Stored items from a collection
=== Begin Enclosure ===

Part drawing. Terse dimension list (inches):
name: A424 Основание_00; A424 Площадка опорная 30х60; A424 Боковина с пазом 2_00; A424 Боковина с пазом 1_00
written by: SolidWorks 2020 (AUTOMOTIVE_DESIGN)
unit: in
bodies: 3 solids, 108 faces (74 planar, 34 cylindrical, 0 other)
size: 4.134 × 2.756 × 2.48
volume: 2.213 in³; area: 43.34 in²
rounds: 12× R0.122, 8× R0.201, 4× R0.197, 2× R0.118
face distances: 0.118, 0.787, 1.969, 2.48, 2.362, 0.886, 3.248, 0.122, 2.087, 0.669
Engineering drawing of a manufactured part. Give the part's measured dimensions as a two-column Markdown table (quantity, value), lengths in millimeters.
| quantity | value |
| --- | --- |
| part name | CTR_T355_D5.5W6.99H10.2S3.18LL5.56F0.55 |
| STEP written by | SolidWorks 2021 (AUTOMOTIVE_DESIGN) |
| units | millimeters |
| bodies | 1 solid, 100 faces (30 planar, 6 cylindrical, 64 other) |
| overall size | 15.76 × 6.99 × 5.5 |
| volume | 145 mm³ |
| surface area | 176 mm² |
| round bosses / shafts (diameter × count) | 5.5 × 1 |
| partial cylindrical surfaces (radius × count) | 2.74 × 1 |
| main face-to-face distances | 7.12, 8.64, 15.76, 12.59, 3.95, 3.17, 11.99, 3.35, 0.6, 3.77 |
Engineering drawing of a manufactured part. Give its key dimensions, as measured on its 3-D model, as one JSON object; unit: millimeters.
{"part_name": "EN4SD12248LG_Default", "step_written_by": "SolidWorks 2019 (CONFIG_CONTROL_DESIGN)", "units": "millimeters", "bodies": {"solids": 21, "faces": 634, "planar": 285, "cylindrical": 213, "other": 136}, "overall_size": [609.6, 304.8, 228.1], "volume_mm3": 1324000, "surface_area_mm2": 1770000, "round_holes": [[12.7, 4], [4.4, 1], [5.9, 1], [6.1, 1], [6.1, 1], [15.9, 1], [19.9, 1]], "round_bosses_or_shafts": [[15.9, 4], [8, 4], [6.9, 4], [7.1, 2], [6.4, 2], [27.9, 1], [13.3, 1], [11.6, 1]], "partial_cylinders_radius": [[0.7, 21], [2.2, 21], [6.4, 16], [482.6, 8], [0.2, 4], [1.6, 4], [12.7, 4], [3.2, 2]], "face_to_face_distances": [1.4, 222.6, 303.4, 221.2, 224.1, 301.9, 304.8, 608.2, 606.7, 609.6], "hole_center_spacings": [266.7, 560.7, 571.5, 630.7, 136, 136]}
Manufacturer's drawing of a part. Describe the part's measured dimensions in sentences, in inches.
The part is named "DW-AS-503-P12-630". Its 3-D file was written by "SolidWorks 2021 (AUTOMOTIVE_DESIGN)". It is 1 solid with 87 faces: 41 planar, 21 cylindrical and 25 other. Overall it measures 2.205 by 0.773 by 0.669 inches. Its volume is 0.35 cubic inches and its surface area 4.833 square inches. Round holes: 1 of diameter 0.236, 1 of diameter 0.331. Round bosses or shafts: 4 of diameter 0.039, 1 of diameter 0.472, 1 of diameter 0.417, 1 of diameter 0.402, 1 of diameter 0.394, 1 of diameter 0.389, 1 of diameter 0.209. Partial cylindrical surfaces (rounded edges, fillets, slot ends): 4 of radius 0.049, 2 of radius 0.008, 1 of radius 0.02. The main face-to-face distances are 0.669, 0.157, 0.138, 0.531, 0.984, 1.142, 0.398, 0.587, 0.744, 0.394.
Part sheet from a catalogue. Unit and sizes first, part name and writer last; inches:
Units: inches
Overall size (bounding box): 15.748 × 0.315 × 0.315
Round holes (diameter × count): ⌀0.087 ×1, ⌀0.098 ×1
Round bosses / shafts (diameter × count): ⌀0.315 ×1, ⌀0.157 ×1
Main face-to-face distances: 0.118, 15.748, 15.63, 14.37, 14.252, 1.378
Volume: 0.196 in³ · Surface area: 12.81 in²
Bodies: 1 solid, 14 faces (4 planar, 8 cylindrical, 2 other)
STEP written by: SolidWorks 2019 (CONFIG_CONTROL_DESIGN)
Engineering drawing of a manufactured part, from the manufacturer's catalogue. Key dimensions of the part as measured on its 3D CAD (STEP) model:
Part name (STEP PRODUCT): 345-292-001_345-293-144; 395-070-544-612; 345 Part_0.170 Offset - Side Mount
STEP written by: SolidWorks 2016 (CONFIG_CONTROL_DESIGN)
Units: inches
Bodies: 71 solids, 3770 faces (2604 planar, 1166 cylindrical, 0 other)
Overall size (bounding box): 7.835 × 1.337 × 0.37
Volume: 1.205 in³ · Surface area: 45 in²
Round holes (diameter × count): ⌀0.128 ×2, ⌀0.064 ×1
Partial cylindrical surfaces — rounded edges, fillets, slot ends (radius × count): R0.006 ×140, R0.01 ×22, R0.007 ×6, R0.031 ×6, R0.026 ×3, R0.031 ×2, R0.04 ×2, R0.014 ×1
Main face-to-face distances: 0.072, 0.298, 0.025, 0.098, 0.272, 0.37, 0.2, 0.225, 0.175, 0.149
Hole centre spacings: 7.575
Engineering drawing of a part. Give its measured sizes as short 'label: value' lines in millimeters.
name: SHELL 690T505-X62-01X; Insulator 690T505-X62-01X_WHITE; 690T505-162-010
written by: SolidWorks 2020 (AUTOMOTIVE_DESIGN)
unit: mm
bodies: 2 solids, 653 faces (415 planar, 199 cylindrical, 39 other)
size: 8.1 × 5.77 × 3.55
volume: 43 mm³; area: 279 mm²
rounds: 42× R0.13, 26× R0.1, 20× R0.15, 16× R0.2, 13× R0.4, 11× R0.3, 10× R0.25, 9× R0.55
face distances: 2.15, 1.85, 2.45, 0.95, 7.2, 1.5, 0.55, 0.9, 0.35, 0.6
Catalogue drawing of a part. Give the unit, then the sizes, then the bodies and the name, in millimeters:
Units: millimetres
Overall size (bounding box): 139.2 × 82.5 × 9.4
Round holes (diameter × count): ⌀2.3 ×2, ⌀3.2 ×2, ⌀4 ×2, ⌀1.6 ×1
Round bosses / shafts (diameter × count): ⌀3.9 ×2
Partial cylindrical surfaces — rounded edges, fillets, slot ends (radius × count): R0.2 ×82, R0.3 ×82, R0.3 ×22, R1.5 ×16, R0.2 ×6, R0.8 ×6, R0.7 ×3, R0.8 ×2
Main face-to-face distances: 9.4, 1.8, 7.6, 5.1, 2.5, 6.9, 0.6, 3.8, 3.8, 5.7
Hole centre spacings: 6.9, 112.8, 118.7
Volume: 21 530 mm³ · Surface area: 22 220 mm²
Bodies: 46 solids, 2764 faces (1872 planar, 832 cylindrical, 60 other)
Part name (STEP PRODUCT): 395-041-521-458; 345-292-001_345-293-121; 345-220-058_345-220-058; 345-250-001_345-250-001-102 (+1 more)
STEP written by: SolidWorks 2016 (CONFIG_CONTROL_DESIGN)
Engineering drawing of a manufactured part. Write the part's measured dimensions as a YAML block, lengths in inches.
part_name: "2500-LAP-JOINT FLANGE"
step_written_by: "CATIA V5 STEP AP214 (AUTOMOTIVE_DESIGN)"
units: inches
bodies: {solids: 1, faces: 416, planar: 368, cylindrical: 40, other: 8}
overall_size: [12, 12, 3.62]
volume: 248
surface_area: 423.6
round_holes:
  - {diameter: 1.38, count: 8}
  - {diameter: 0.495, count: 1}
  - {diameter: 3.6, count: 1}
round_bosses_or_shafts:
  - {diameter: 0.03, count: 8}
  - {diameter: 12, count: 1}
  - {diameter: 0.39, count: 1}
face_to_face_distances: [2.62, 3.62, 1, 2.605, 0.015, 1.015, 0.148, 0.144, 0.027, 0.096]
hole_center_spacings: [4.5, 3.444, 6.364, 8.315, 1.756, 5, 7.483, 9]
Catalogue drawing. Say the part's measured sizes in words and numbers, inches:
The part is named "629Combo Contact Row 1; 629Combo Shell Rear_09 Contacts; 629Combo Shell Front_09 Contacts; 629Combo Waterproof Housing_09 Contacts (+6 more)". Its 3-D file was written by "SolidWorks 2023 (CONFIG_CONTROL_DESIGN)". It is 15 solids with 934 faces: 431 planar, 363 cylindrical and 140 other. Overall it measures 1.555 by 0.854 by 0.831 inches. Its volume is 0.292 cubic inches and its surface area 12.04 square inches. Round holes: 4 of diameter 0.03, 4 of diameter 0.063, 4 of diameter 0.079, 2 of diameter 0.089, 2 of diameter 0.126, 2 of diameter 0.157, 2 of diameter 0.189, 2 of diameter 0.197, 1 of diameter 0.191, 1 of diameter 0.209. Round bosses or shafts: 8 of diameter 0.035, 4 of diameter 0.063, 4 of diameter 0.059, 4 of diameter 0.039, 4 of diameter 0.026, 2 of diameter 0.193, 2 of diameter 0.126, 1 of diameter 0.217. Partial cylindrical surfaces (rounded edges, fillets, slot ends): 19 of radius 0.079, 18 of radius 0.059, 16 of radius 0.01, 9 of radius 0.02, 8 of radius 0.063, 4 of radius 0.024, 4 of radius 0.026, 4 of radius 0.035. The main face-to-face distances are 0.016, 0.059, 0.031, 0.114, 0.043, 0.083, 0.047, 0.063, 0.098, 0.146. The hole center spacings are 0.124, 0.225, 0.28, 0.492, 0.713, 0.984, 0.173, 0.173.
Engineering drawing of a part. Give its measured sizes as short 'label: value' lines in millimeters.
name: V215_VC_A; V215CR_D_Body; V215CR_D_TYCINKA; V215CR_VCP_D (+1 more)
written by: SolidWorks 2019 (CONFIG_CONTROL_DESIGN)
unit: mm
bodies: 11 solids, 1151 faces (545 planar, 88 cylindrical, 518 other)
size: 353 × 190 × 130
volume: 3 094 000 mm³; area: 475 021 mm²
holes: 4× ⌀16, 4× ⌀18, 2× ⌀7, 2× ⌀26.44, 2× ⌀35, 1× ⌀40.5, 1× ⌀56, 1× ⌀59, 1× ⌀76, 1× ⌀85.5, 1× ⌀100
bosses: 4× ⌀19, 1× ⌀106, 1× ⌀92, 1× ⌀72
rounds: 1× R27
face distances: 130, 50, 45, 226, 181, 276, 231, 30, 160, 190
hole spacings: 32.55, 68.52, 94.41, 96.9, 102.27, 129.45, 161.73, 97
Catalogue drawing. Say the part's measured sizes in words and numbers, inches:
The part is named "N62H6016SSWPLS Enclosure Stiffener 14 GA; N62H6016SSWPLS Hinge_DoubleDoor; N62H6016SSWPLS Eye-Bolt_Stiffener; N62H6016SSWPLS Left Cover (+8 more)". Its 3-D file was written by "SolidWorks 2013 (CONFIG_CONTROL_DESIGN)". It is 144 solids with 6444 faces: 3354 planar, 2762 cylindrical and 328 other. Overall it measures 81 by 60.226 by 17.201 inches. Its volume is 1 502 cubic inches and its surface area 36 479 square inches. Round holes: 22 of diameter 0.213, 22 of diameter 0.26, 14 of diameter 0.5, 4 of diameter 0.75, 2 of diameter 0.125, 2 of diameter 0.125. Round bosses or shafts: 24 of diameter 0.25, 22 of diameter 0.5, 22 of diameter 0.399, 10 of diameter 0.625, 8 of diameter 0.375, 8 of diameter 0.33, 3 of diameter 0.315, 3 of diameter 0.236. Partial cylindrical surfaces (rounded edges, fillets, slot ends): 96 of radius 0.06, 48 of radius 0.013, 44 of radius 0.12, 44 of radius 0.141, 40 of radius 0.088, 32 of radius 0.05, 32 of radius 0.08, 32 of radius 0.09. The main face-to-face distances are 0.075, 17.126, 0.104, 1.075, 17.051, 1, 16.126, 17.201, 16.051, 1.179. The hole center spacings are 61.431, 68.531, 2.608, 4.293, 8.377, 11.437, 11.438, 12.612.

=== End Enclosure ===

TASK BRIEF
Return, in full, every line of these entries that holds "dimensions".

SOLUTION TO THIS PROBLEM
Engineering drawing of a manufactured part. Give the part's measured dimensions as a two-column Markdown table (quantity, value), lengths in millimeters.
Engineering drawing of a manufactured part. Give its key dimensions, as measured on its 3-D model, as one JSON object; unit: millimeters.
Manufacturer's drawing of a part. Describe the part's measured dimensions in sentences, in inches.
Engineering drawing of a manufactured part, from the manufacturer's catalogue. Key dimensions of the part as measured on its 3D CAD (STEP) model:
Engineering drawing of a manufactured part. Write the part's measured dimensions as a YAML block, lengths in inches.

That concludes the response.